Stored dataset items
--------------------------------
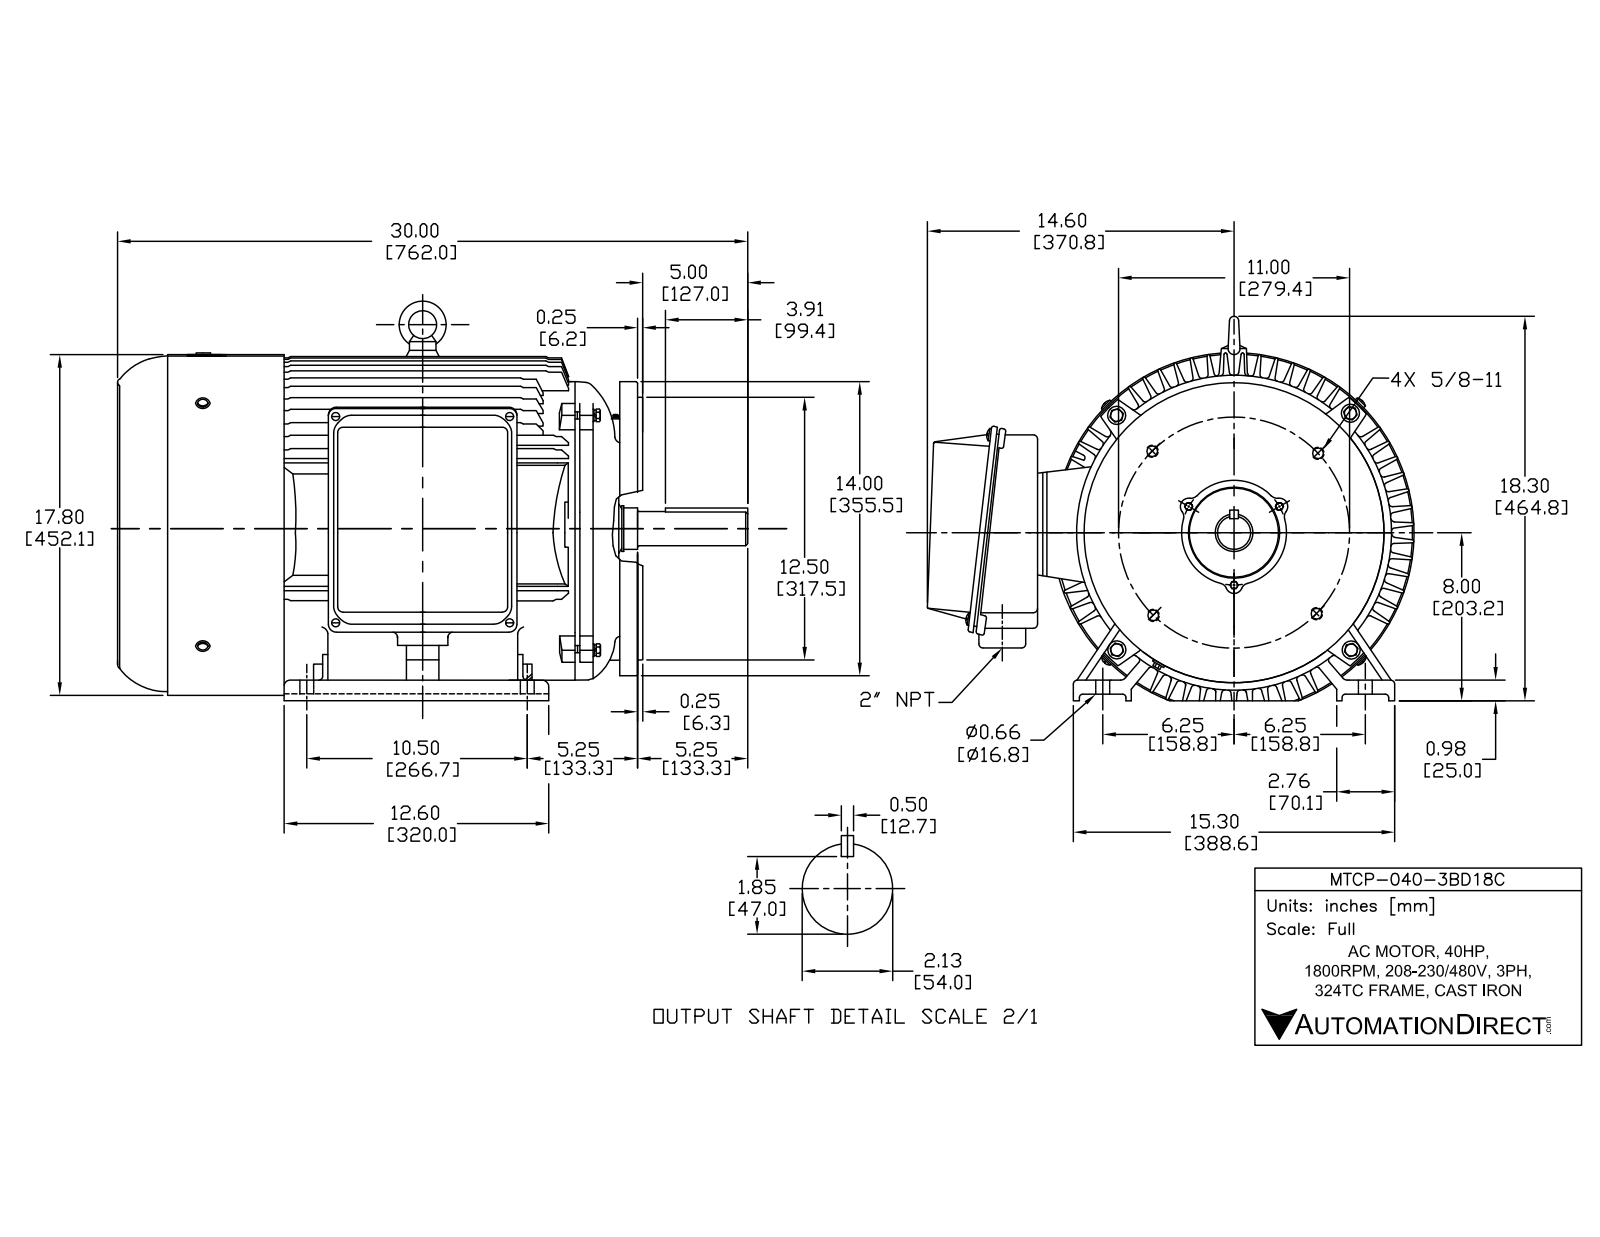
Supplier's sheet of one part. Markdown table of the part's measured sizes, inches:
| quantity | value |
| --- | --- |
| part name | PE320接线盒座_默认_按加工; 17橡皮塞; eyebolts gb_GB_FASTENER_SCREWS_FRS M16-N; hexagon head bolts-full thread gb_GB_FASTENER_BOLT_STBAB A M8X20-N (+8 more) |
| STEP written by | SolidWorks 2017 (AUTOMOTIVE_DESIGN) |
| units | inches |
| bodies | 68 solids, 4164 faces (1086 planar, 1465 cylindrical, 1613 other) |
| overall size | 29.232 × 23.004 × 20.37 |
| volume | 1 008 in³ |
| surface area | 6 047 in² |
| round holes (diameter × count) | 0.394 × 21, 0.268 × 8, 0.081 × 4, 0.197 × 4, 0.252 × 4, 0.263 × 4, 0.354 × 4, 0.402 × 4, 0.448 × 4, 0.508 × 4, 0.512 × 4, 0.531 × 4 |
| round bosses / shafts (diameter × count) | 0.315 × 11, 0.472 × 8, 0.945 × 4, 0.752 × 4, 0.389 × 4, 0.236 × 4, 0.394 × 2, 17.52 × 1 |
| partial cylindrical surfaces (radius × count) | 0.039 × 223, 0.197 × 104, 0.118 × 80, 0.079 × 76, 0.02 × 48, 0.059 × 35, 0.394 × 27, 0.315 × 24 |
| main face-to-face distances | 0.236, 0.059, 4.878, 24.236, 24.177, 0.197, 17.598, 0.965, 0.984, 23.272 |
| hole center spacings | 3.937, 8.189, 2.953, 9.832, 2.65, 2.756, 4, 5.352 |
--------------------------------
*WORK REQUEST*.
This task asks for the data above repeated exactly, without a single picture.

*SOLUTION FOR THIS TASK*.
Supplier's sheet of one part. Markdown table of the part's measured sizes, inches:
| quantity | value |
| --- | --- |
| part name | PE320接线盒座_默认_按加工; 17橡皮塞; eyebolts gb_GB_FASTENER_SCREWS_FRS M16-N; hexagon head bolts-full thread gb_GB_FASTENER_BOLT_STBAB A M8X20-N (+8 more) |
| STEP written by | SolidWorks 2017 (AUTOMOTIVE_DESIGN) |
| units | inches |
| bodies | 68 solids, 4164 faces (1086 planar, 1465 cylindrical, 1613 other) |
| overall size | 29.232 × 23.004 × 20.37 |
| volume | 1 008 in³ |
| surface area | 6 047 in² |
| round holes (diameter × count) | 0.394 × 21, 0.268 × 8, 0.081 × 4, 0.197 × 4, 0.252 × 4, 0.263 × 4, 0.354 × 4, 0.402 × 4, 0.448 × 4, 0.508 × 4, 0.512 × 4, 0.531 × 4 |
| round bosses / shafts (diameter × count) | 0.315 × 11, 0.472 × 8, 0.945 × 4, 0.752 × 4, 0.389 × 4, 0.236 × 4, 0.394 × 2, 17.52 × 1 |
| partial cylindrical surfaces (radius × count) | 0.039 × 223, 0.197 × 104, 0.118 × 80, 0.079 × 76, 0.02 × 48, 0.059 × 35, 0.394 × 27, 0.315 × 24 |
| main face-to-face distances | 0.236, 0.059, 4.878, 24.236, 24.177, 0.197, 17.598, 0.965, 0.984, 23.272 |
| hole center spacings | 3.937, 8.189, 2.953, 9.832, 2.65, 2.756, 4, 5.352 |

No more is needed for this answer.